[attachment=1]
http://dev.dangerousprototypes.com/parts (http://dev.dangerousprototypes.com/parts)
Search Github hardware by component to find examples and references for your next project. Big schematic and PCB previews mean quick and easy browsing without opening a CAD program.
TomKeddie first mentioned this idea at Hacker Camp Shenzhen, and later in the forum and on WeChat. Tom generously shared his scraping/search method. Eagle 6+ files are XML, so we can find them on Github by searching for the "eagle SYSTEM" tag in files with "extension:sch". That gives more than the maximum 100 pages of results, so we filter by file size and increment size 500 bytes at a time "size:1001...1500". We use the normal user search interface, parse the HTML results, and grab all urls ending with .sch. While Github has an API, that API doesn't give access to search code search without specifying a repository by name (probably so people don't do what we did...).
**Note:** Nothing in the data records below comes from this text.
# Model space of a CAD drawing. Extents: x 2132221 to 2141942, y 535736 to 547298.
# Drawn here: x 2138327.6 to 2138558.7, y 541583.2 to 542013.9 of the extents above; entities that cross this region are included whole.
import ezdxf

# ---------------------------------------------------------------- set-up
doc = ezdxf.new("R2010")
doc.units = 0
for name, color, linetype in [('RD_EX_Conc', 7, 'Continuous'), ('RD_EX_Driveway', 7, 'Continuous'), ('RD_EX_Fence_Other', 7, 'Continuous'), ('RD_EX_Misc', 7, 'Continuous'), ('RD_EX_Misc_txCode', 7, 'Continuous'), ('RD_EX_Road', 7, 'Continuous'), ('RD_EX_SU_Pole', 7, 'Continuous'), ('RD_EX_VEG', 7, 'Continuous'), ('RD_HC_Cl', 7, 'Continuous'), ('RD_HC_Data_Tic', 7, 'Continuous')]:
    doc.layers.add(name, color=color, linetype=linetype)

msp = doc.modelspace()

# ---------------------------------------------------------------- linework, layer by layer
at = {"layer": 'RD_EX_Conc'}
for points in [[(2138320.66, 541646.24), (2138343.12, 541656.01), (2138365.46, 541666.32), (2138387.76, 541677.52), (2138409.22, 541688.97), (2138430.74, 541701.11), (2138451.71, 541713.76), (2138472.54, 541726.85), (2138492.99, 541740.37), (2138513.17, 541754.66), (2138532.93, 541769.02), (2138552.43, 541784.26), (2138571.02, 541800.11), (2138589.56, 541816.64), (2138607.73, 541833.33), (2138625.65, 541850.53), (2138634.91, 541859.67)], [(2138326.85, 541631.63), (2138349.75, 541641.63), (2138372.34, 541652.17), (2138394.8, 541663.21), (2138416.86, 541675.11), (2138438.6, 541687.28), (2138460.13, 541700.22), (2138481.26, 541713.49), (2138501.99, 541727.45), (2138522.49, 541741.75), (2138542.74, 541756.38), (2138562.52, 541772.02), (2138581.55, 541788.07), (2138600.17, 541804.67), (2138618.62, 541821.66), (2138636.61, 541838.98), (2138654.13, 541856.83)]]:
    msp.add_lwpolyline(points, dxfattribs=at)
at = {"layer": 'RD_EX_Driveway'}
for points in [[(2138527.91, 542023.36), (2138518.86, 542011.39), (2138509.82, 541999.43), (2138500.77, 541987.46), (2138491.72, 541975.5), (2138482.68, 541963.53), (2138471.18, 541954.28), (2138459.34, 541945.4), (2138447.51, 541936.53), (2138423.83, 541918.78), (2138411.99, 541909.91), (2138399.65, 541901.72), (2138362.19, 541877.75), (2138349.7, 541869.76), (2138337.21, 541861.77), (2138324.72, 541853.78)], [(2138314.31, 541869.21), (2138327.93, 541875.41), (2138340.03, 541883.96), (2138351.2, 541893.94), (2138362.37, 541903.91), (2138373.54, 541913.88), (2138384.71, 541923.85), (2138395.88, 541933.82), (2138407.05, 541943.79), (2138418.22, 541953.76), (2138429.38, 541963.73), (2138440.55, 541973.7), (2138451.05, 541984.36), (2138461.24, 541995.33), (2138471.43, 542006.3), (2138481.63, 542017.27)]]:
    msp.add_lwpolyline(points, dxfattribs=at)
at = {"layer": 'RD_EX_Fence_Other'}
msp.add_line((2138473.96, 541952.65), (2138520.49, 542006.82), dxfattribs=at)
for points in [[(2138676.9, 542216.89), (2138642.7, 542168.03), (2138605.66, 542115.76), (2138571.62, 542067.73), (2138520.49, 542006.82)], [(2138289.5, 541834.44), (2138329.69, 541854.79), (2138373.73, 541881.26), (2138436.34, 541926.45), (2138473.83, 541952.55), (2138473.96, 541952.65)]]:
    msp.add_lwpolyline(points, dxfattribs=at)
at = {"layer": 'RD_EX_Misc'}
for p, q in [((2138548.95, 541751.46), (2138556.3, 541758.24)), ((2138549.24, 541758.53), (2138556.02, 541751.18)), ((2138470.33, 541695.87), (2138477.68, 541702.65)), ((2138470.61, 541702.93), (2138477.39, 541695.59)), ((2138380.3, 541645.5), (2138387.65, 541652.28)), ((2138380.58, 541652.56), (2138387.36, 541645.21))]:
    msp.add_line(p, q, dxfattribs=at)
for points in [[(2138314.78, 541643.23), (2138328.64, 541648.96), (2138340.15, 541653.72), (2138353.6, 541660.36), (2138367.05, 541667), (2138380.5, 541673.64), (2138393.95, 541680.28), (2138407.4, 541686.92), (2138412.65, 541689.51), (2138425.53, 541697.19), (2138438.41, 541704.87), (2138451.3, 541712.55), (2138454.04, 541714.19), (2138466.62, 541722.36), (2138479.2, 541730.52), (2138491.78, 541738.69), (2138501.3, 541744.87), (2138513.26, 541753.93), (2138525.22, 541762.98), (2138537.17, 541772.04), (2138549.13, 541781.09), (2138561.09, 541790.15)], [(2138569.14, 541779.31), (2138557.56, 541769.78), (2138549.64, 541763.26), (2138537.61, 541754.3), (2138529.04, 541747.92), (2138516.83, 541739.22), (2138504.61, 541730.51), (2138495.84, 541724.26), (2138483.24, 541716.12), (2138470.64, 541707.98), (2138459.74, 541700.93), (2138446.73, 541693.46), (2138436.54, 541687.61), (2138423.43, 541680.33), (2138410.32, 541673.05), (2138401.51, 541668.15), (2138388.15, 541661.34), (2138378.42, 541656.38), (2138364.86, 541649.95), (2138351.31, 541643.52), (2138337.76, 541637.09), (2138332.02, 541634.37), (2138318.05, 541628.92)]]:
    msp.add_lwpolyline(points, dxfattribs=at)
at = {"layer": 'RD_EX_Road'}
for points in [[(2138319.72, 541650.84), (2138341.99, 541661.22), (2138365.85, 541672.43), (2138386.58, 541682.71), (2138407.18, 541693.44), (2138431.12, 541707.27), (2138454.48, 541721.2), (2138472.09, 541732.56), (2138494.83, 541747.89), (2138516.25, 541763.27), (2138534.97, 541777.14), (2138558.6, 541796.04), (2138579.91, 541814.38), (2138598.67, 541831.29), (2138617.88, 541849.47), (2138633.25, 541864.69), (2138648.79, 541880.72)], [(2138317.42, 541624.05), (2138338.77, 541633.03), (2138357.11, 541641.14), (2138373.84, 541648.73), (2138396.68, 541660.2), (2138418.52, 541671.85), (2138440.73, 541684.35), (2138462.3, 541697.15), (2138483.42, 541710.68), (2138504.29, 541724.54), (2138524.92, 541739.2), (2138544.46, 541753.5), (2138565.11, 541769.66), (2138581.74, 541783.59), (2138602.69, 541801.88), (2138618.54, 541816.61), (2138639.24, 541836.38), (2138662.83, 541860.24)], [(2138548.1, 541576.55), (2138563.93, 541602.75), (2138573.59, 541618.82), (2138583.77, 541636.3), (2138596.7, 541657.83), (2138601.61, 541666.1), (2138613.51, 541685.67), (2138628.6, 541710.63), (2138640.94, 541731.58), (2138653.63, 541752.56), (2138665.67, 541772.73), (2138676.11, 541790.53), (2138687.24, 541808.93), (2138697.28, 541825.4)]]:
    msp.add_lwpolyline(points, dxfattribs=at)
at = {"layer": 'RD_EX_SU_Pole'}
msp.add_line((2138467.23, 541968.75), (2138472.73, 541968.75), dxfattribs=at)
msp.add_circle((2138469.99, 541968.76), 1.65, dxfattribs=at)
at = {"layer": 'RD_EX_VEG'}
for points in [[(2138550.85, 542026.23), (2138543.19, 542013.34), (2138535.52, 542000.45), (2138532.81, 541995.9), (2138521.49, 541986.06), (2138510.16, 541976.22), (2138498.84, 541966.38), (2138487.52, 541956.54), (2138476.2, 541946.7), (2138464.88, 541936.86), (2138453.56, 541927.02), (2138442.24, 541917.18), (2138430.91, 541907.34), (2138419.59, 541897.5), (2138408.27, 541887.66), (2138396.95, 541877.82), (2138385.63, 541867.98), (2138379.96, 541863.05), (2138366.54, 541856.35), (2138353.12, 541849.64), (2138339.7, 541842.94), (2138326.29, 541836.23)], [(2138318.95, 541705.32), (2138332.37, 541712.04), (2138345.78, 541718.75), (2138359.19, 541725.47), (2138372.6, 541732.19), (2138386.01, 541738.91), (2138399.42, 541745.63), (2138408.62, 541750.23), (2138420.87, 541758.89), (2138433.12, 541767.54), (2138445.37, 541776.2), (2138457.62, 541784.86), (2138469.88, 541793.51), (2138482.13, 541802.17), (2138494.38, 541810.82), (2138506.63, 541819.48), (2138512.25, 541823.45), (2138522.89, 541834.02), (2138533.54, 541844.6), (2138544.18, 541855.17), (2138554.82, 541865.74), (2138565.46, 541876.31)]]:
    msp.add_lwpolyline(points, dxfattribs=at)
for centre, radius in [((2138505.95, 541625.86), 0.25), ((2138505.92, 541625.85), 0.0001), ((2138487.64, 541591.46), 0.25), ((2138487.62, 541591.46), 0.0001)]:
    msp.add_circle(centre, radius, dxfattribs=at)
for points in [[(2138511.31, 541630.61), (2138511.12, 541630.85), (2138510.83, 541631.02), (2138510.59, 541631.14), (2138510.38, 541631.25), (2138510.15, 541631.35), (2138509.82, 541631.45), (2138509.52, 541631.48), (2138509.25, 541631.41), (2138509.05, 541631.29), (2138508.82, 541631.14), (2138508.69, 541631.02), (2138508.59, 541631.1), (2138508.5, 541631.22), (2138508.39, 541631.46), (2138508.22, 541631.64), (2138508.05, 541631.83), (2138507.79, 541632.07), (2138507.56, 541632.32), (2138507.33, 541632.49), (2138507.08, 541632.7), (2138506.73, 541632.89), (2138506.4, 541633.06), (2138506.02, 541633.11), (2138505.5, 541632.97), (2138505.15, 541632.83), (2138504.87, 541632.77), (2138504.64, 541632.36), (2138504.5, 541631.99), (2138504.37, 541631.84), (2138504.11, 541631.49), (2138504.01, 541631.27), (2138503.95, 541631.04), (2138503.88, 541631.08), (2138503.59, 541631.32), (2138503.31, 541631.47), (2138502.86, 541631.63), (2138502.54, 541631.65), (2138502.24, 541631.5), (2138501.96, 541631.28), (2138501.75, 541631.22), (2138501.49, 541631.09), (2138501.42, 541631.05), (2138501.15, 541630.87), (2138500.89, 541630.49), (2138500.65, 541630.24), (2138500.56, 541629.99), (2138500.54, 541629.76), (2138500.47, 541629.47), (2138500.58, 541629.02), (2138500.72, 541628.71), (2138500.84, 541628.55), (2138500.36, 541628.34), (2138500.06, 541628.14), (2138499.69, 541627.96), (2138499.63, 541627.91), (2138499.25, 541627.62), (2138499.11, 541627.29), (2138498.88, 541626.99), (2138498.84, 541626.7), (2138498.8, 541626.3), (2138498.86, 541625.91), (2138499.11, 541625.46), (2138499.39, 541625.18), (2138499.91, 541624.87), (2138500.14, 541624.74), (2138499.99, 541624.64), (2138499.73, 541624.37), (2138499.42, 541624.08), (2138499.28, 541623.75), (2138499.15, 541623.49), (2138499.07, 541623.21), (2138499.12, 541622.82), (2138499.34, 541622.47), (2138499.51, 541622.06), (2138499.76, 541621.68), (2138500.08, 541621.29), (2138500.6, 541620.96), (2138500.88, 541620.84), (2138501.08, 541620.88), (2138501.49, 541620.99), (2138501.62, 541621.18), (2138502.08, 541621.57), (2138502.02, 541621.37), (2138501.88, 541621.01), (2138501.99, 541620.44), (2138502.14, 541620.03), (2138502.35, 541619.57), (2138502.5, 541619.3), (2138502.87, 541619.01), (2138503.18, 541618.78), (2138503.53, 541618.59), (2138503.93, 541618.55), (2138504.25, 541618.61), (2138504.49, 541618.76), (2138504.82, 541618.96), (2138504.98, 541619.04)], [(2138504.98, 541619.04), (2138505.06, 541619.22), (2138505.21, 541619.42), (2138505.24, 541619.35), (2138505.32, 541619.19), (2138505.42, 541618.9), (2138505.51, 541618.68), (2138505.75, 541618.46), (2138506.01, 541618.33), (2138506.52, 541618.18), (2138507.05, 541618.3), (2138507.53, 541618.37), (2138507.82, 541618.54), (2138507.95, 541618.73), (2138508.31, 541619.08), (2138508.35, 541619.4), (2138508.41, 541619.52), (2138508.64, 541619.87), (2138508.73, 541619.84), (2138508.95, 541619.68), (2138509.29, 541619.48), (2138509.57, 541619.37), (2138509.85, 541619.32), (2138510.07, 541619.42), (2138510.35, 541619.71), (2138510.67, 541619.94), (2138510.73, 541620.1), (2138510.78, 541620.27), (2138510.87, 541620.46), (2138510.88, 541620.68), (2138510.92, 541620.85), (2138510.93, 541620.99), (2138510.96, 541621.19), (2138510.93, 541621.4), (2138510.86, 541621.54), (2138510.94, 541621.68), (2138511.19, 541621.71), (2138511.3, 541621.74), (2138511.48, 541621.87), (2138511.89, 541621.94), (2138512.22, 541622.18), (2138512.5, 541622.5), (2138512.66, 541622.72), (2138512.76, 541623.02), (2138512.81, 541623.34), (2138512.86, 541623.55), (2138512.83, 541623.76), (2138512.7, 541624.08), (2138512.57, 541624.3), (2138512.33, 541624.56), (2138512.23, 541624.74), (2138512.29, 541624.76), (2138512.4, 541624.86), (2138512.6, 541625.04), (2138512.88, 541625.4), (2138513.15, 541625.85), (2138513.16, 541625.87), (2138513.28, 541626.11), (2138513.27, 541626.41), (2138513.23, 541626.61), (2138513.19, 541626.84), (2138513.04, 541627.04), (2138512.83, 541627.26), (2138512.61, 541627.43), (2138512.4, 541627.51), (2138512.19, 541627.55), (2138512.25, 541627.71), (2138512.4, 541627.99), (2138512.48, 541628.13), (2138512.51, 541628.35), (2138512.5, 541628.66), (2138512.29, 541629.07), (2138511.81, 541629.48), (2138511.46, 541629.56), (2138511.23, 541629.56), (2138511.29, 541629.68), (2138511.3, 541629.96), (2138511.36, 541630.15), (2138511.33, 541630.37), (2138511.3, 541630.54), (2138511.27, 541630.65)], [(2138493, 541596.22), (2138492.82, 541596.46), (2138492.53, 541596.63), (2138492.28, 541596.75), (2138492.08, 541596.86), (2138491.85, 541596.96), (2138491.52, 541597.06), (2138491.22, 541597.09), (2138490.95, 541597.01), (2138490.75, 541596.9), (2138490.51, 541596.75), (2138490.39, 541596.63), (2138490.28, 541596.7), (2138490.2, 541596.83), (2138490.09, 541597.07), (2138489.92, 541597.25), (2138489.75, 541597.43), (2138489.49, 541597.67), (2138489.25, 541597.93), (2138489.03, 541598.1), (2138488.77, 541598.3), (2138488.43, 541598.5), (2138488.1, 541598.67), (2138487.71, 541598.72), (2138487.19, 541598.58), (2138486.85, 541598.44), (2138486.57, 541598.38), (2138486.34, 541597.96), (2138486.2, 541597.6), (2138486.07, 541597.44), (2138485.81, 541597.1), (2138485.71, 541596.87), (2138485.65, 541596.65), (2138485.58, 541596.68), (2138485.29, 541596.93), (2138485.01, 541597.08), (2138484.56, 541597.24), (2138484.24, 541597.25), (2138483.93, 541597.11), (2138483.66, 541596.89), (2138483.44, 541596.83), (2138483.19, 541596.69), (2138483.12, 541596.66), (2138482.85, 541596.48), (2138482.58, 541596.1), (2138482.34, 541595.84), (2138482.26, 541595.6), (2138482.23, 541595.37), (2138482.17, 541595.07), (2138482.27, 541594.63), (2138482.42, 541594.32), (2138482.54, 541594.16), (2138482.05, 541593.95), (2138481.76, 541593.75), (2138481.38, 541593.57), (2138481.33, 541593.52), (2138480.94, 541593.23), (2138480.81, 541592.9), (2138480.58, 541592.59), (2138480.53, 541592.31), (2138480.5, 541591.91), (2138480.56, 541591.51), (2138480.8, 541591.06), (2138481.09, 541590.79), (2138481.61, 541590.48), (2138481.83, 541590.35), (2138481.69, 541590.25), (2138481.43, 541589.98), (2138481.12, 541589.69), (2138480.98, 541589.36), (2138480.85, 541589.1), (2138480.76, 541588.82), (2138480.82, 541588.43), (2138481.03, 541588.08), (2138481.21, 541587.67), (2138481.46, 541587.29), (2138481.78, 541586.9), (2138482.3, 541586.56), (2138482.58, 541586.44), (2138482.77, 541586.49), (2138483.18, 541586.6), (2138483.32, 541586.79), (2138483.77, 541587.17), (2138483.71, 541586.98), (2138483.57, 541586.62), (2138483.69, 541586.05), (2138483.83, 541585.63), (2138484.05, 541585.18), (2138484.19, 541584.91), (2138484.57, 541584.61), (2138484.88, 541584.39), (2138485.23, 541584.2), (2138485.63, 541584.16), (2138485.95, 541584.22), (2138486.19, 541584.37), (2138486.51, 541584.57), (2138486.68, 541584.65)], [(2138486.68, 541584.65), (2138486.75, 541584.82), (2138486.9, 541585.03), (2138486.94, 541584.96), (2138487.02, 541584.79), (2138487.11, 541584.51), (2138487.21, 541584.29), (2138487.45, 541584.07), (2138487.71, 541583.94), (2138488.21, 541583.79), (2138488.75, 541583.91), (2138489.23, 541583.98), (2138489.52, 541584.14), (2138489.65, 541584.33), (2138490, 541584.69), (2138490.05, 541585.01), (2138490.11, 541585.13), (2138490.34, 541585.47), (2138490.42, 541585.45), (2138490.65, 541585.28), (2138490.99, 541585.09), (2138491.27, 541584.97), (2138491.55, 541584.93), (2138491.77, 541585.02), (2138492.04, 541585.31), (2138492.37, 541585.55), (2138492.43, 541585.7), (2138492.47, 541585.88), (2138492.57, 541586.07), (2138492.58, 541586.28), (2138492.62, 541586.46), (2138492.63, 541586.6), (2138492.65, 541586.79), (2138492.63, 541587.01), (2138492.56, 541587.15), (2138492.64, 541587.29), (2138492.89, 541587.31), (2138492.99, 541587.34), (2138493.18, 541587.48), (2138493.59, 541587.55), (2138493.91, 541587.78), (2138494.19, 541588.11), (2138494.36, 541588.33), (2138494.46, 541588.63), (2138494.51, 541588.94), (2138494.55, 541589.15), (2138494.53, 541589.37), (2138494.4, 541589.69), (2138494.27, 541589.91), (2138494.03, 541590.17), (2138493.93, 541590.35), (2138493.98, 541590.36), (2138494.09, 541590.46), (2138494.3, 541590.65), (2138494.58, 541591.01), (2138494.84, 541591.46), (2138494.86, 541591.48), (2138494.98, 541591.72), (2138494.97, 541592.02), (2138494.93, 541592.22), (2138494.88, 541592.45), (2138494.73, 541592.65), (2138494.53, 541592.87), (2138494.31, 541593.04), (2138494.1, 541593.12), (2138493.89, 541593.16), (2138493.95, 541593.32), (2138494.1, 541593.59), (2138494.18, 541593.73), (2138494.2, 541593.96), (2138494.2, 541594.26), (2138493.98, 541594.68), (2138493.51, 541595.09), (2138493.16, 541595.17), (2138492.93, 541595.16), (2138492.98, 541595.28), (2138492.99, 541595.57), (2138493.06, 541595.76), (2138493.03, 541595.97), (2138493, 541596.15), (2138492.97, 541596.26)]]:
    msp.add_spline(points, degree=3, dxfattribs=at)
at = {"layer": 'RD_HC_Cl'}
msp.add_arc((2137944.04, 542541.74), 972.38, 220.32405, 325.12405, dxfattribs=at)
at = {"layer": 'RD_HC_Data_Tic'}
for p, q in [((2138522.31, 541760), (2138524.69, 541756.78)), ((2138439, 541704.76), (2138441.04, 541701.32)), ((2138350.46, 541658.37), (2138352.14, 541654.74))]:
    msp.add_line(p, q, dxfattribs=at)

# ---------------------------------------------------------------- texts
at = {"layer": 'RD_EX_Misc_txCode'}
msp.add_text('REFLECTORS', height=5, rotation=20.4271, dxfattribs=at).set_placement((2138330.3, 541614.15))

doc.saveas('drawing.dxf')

There are a number of limitations. Only Eagle projects are indexed, a search for KiCad files inspired little interest in expanding. Before Eagle 6.0 files were not XML and will not be included. Github search only indexes code files up to ~390K, larger files will not be included. If Github improves access via the API we will expand the index.
Scraping all of the files over terrible Chinese internet took about a week. Searches were performed at minimum 32 seconds apart. Some files were incomplete (lacked closing tag). Some files have extra '>>', usually a merge error tag. Some files were just corrupt. These all caused Eagle to hang until the window was manually closed. Working with Eagle from the command line has been most unpleasant.
[attachment=0]
Very cool!
We use the normal user search interface, parse the HTML results
You got a bit of code to share for that? Would be interested to try and verify the lack of KiCad files and maybe try and do a gerber search as well.
EDIT: Anyone else wondering about this it is pretty easy to search GitHub for Eagle and KiCad projects by putting "language:Eagle" or "language:KiCad" in the search bar main GitHub search bar. Eagle currently returns 5,136 projects and KiCad 1,564.
I did my own githubscraping and I found that the 'language:eagle' helps a bit, but it also return several KiCad repositories/files. Is this an error in GitHub or something a GitHub owner does?
I don't know how many time the language setting is wrong, still collecting data :) however some preliminary stats:
3800 repositories gave 7000 eagle schematic files processed, about 90000 component used, consisting of about 1 symbol and about 12 packages.
I wrote the scraping script that fetches the files from github. It uses the extension and part of the content (header) to choose which sch files to fetch, it then tries to find a matching brd file.
It doesn't use the API because I couldn't do the search I wanted using the api.